Once a new macronucleus forms after the conjugation process is complete, its genome undergoes extensive rearrangement and reduction in size (by about 95%). This reduction process generates smaller nanochromosomes. The rearrangement and reduction is mediated by transposons and enzymes called transposases. The transposon movement causes extensive chromosome fragmentation. During this process noncoding DNA between genes and within genes is destroyed. So, too, are the transposons themselves. Remaining sequences of DNA harboring genes are fused together in a highly precise and reproducible manner to generate the nanochromosomes.

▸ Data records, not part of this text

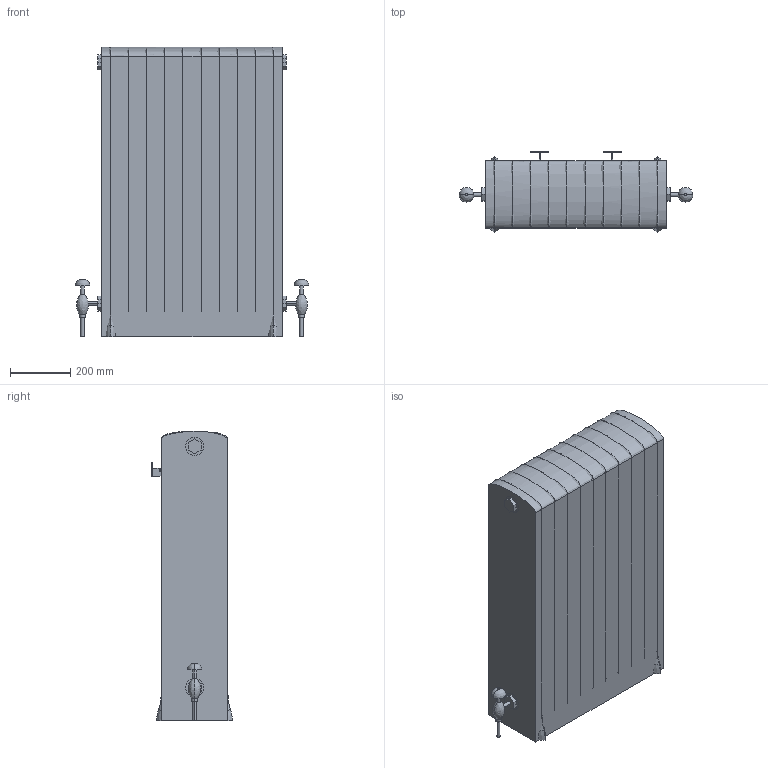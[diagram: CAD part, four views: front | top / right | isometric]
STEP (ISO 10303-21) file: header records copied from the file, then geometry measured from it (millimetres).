
FILE_DESCRIPTION(/* description */ (''),/* implementation_level */ '2;1');
FILE_NAME(/* name */ 'Ionic_6Column_WithFeet',/* time_stamp */ '2026-08-04T19:11:52+03:00',/* author */ (''),/* organization */ (''),/* preprocessor_version */ 'ST-DEVELOPER v20',/* originating_system */ '',/* authorisation */ '');
FILE_SCHEMA (('AP242_MANAGED_MODEL_BASED_3D_ENGINEERING_MIM_LF { 1 0 10303 442 1 1 4 }'));
Products named in the file (11): TopLevelAssembly; Выдавливание; Выдавливание_
1; Выдавливание_
2; Выдавливание_
3; Выдавливание_
4; IonicBracket; MHS_Chartwell_Valve_Floor; MHS_Chartwell_Valve_Floor_1; MHS_Ionic_4_6_Feet; MHS_Ionic_4_6
Assembly tree (23 placements, depth 2):
  TopLevelAssembly
    Выдавливание
    Выдавливание_
1
    Выдавливание_
2
    Выдавливание_
3
    MHS_Ionic_4_6  x10
    Выдавливание_
4
    MHS_Ionic_4_6_Feet  x4
    IonicBracket  x2
    MHS_Chartwell_Valve_Floor
    MHS_Chartwell_Valve_Floor_1
Bounding box: 774.75 x 268 x 960.02 mm (x, y, z)
Volume: 181602282.3 mm3; surface area: 11623881.3 mm2
Topology: 103 solids, 103 shells, 2276 faces, 5066 edges, 3116 vertices
Faces by surface type: plane 911, bspline 853, cylinder 400, cone 112
Entity records: 40811 total; most frequent: CARTESIAN_POINT 30889, ORIENTED_EDGE 1930, DIRECTION 1759, EDGE_CURVE 965, VERTEX_POINT 596, AXIS2_PLACEMENT_3D 592, LINE 575, VECTOR 575

Once the genome rearrangement and reduction process is completed, the cell enters into the vegetative state and the macronucleus directs the cell’s activity.


As the authors of the paper point out, “These transposons might not merely be parasitic invaders that reduce the fitness or have little phenotypic effect but instead mutualists directly contributing a useful function to the organism.”3

The recognition of transposon utility in Oxytrichia opens up the possibility that these so-called parasitic pieces of DNA may demonstrate widespread usefulness across the biological realm. This new insight also weakens the best argument for biological evolution and common descent. That argument states that if a Creator existed he would not purposely introduce nonfunctional, junk DNA at the exact location in the genomes of different, but seemingly related organisms.

This discovery explains why identical junk DNA sequences occur in corresponding regions of the genomes of related organisms. The precise location of junk DNA sequences may well be critical for these DNA elements to operate properly.

When it comes to junk DNA, there really does appear to be a method to the madness. As scientists continue to discover usefulness for junk DNA, they see in that method less madness and more genius.

  1. Edward E. Max, “Plagiarized Errors and Molecular Genetics,” Talk Origins Archive,, accessed December 13, 2009.
  2. Mariusz Nowacki, et al., “A Functional Role for Transposases in a Large Eukaryotic Genome,” Science 324 (2009): 935-38.
  3. Mariusz Nowacki, et al., 935-38.